For participating in the program, Connecticut will receive $12 million over five years to develop and implement the model. Initial funding will support participant recruitment, Medicaid payment model development, a state health equity plan, data alignment and analysis, and additional quality and cost-growth benchmark initiatives, the state said. 

CMS said it selected Connecticut to participate based on a joint application submitted by the state Office of Health Strategy (OHS) and the state Department of Social Services (DSS). 

Gov. Ned Lamont said the award reflects the state’s efforts to improve health care. 

“We will now have additional capacity to advance efforts designed to improve outcomes and control costs,” he said, adding that those efforts include investing more in primary care, strengthening the links with community programs to address health-related social needs and exploring opportunities to transform payment models.

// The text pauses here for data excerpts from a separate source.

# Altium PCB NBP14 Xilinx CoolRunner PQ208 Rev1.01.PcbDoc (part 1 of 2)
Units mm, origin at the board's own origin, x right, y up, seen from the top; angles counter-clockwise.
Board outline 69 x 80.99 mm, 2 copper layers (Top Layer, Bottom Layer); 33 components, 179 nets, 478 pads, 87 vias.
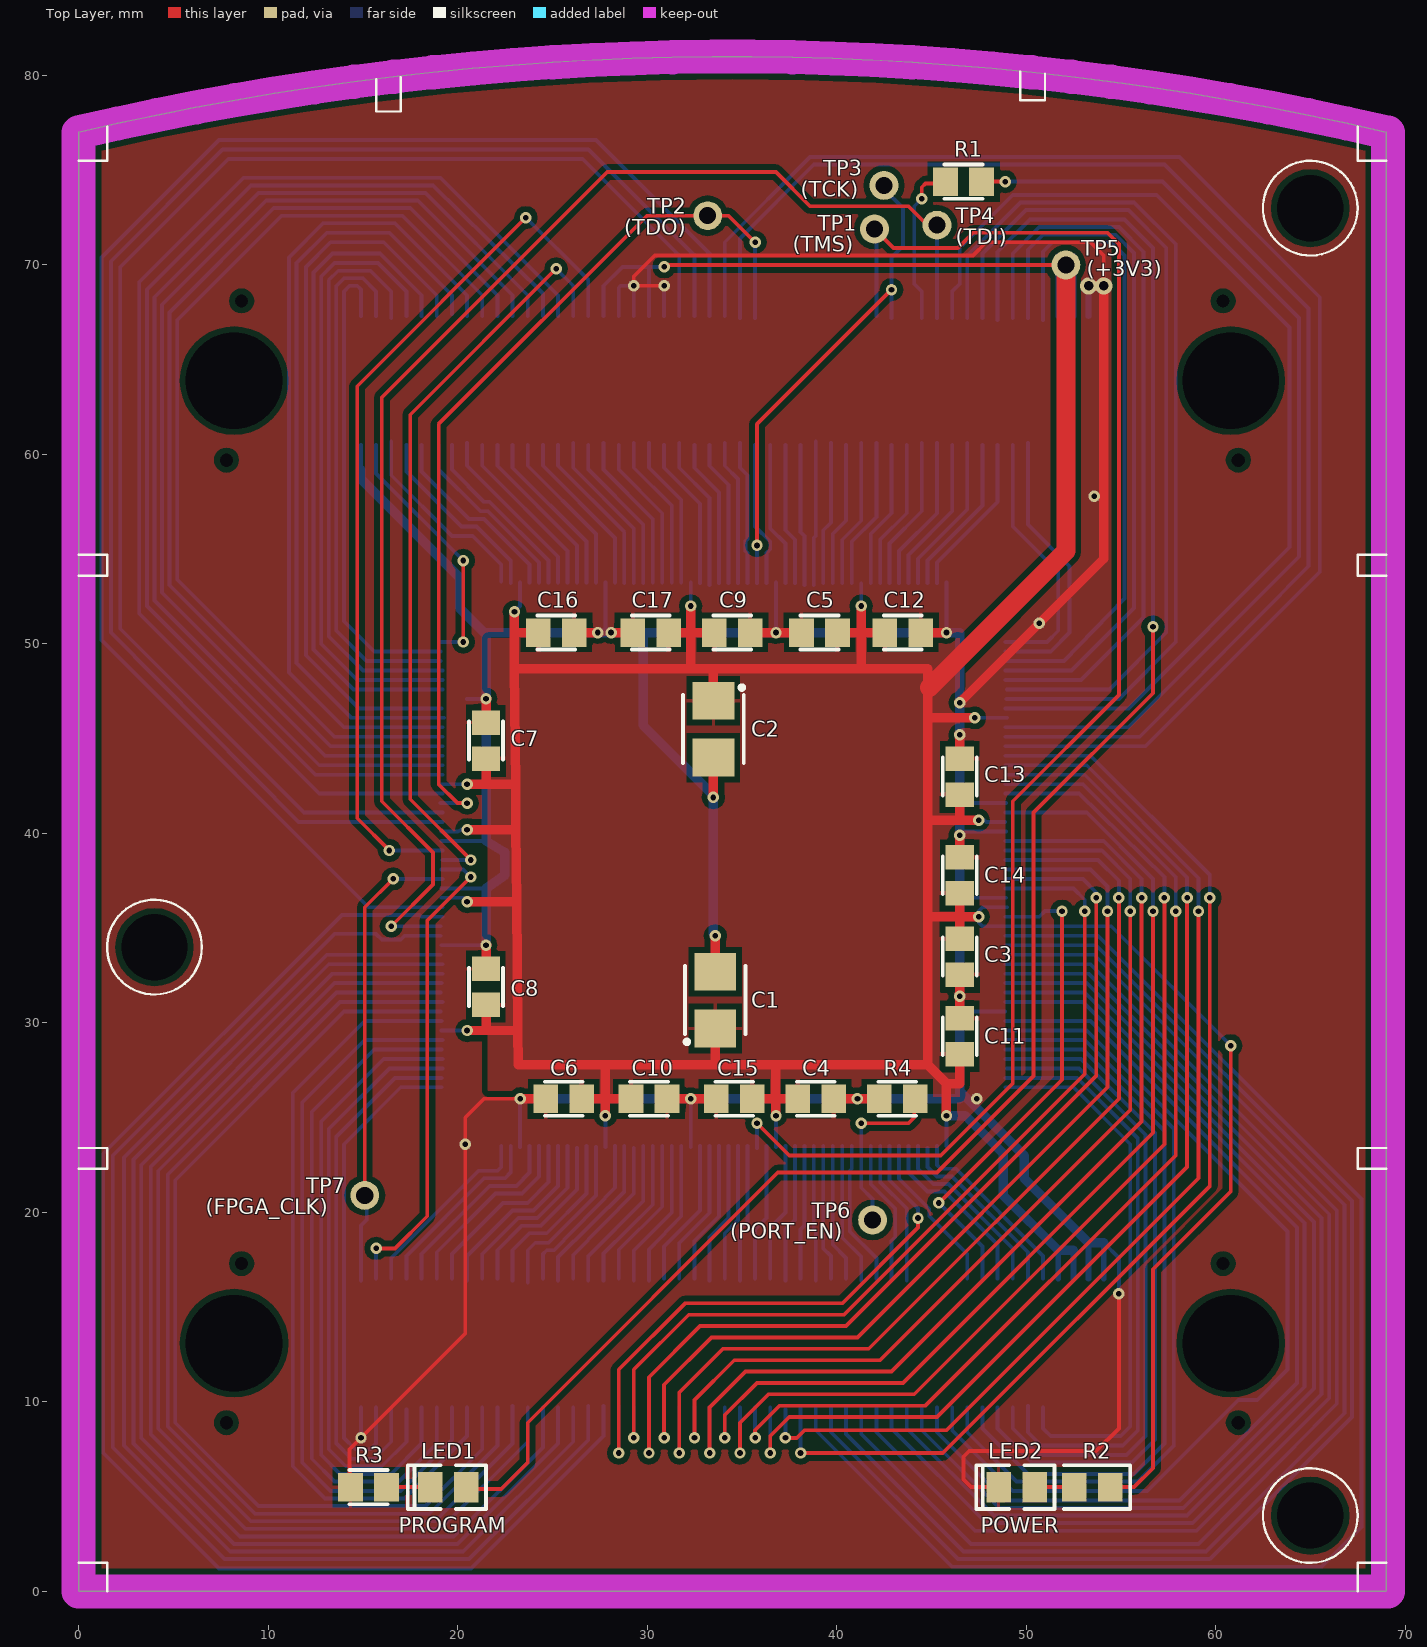
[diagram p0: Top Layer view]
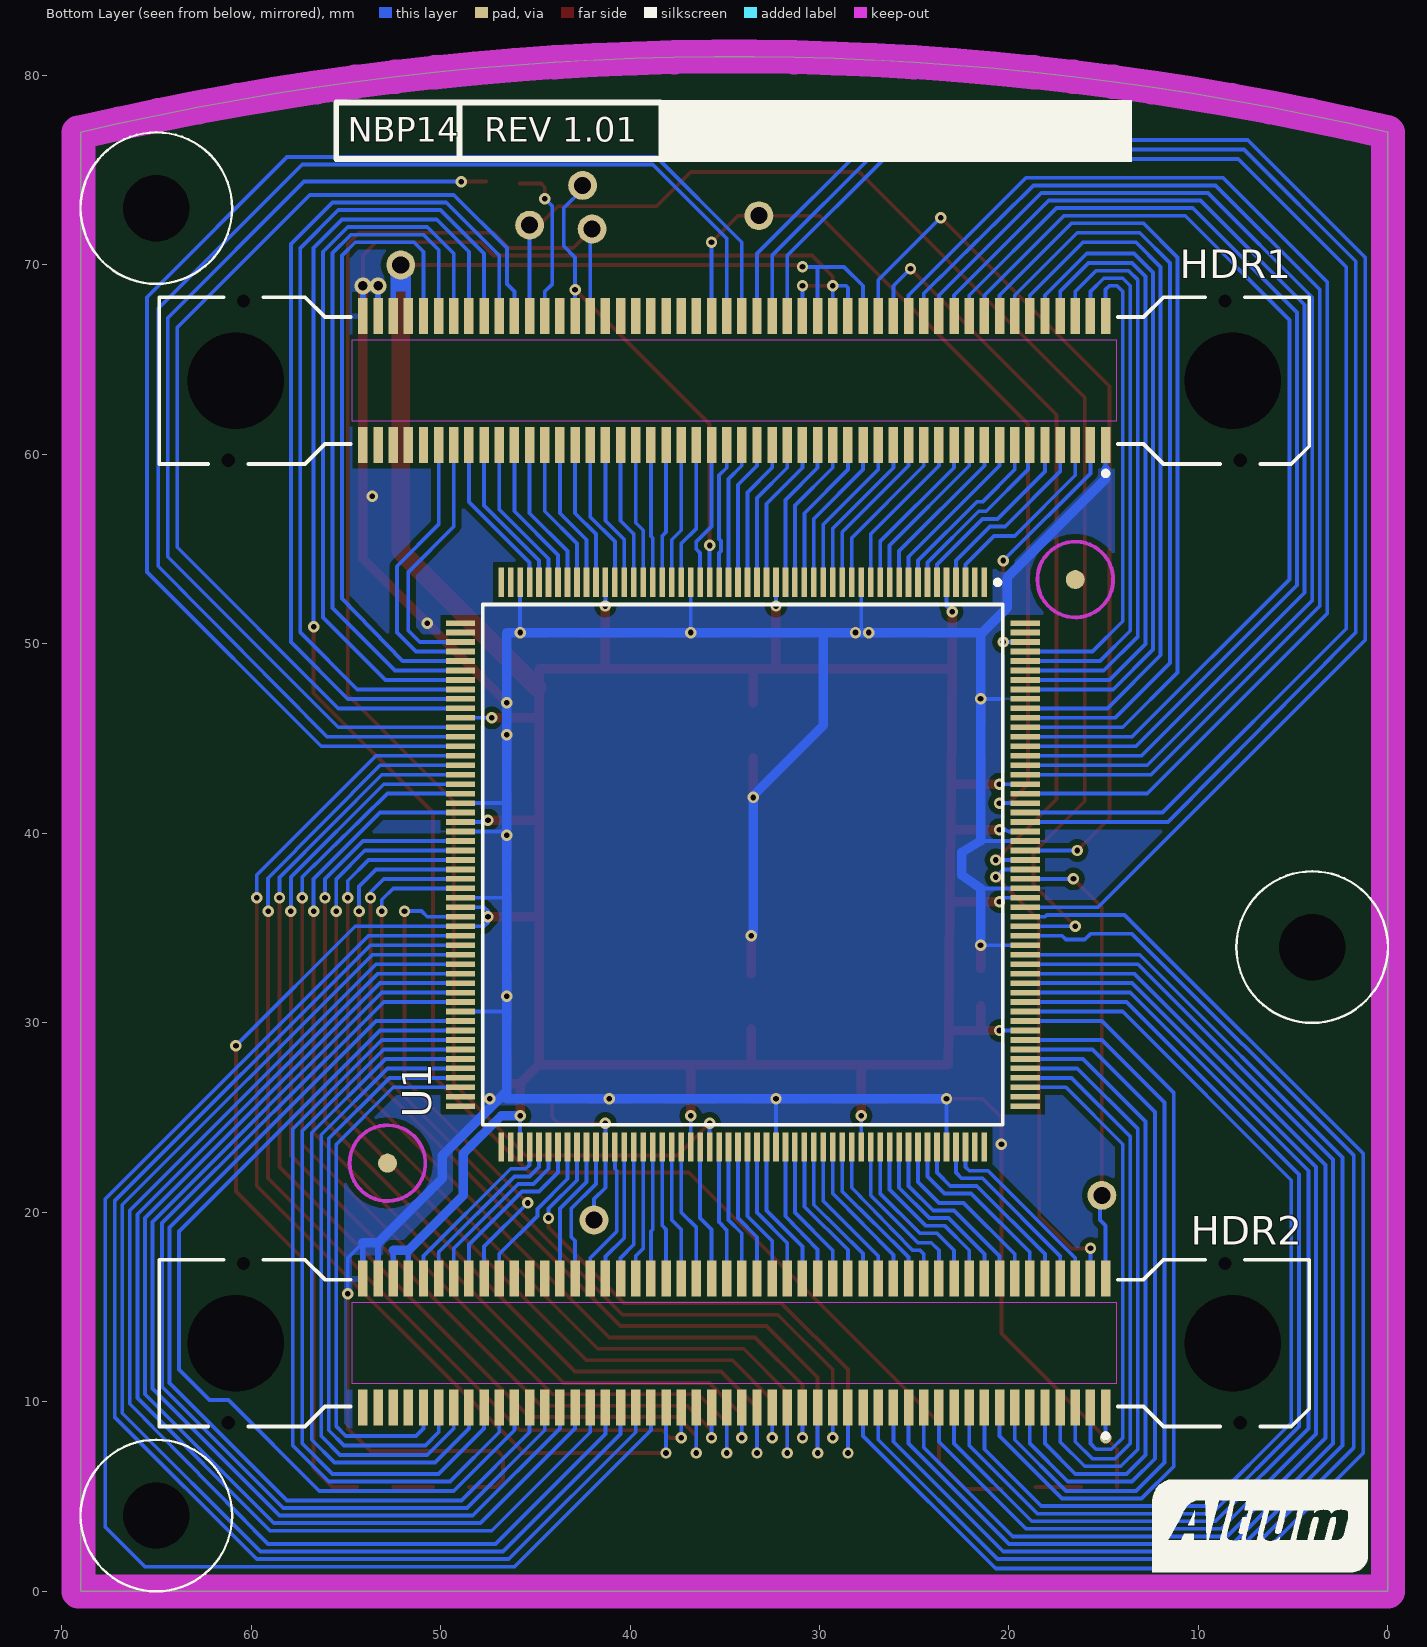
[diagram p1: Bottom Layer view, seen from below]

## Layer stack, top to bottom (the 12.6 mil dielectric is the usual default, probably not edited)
Top Layer: signal copper 0.0356
Dielectric: core 0.32, FR-4, Dk 4.8
Bottom Layer: signal copper 0.0356

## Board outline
0,0 0.001,77 cw(c34.5,-69.801) 69,77 69,0

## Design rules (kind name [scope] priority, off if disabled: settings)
Clearance Clearance_Polygons [InPolygon] p1: gap=0.3
Clearance [All] p2: gap=0.2
ComponentClearance [All] p1: gap=0.2 collisioncheckmode=3 verticalgap=0.254 showdistances=FALSE
FabricationTestPointUsage TestPointUsage [All] p1 off: valid=0 allowmultiple=FALSE
FabricationTestpoint Testpoint [All] p1 off: side=3 testpointundercomponent=TRUE minsize=1.016 maxsize=2.54 preferedsize=1.524 minholesize=0 maxholesize=1.016 preferedholesize=0.813 testpointgrid=0.025 allowsidetop=TRUE allowsidebottom=TRUE usegrid=TRUE gridtolerance=0
HoleSize [All] p1: absolutevalues=TRUE maxlimit=5.2 minlimit=0.25 maxpercent=80.000 minpercent=20.000
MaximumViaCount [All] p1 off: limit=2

The Connecticut Hospital Association (CHA) issued a statement in support of the state participating in the AHEAD Model, saying the state’s hospitals are aligned with its goals. However, CHA also said it has some concerns.

“Questions remain as to how the model can achieve these goals if it bases budgets on Medicare and Medicaid payment rates that are nowhere near covering the cost of care — a problem that has contributed to many of the issues this model seeks to correct,” the CHA said in its statement.

“Additionally, the model design rewards the government, rather than the communities and local hospitals providing services and care, if long-term prevention outcomes are achieved and community health and well-being improves over time,” the CHA statement said. “We will continue working with the Office of Health Strategy on the details of this program, which both CMS and the state have clearly described as voluntary, including ensuring the model does not build off of Medicaid underpayments.”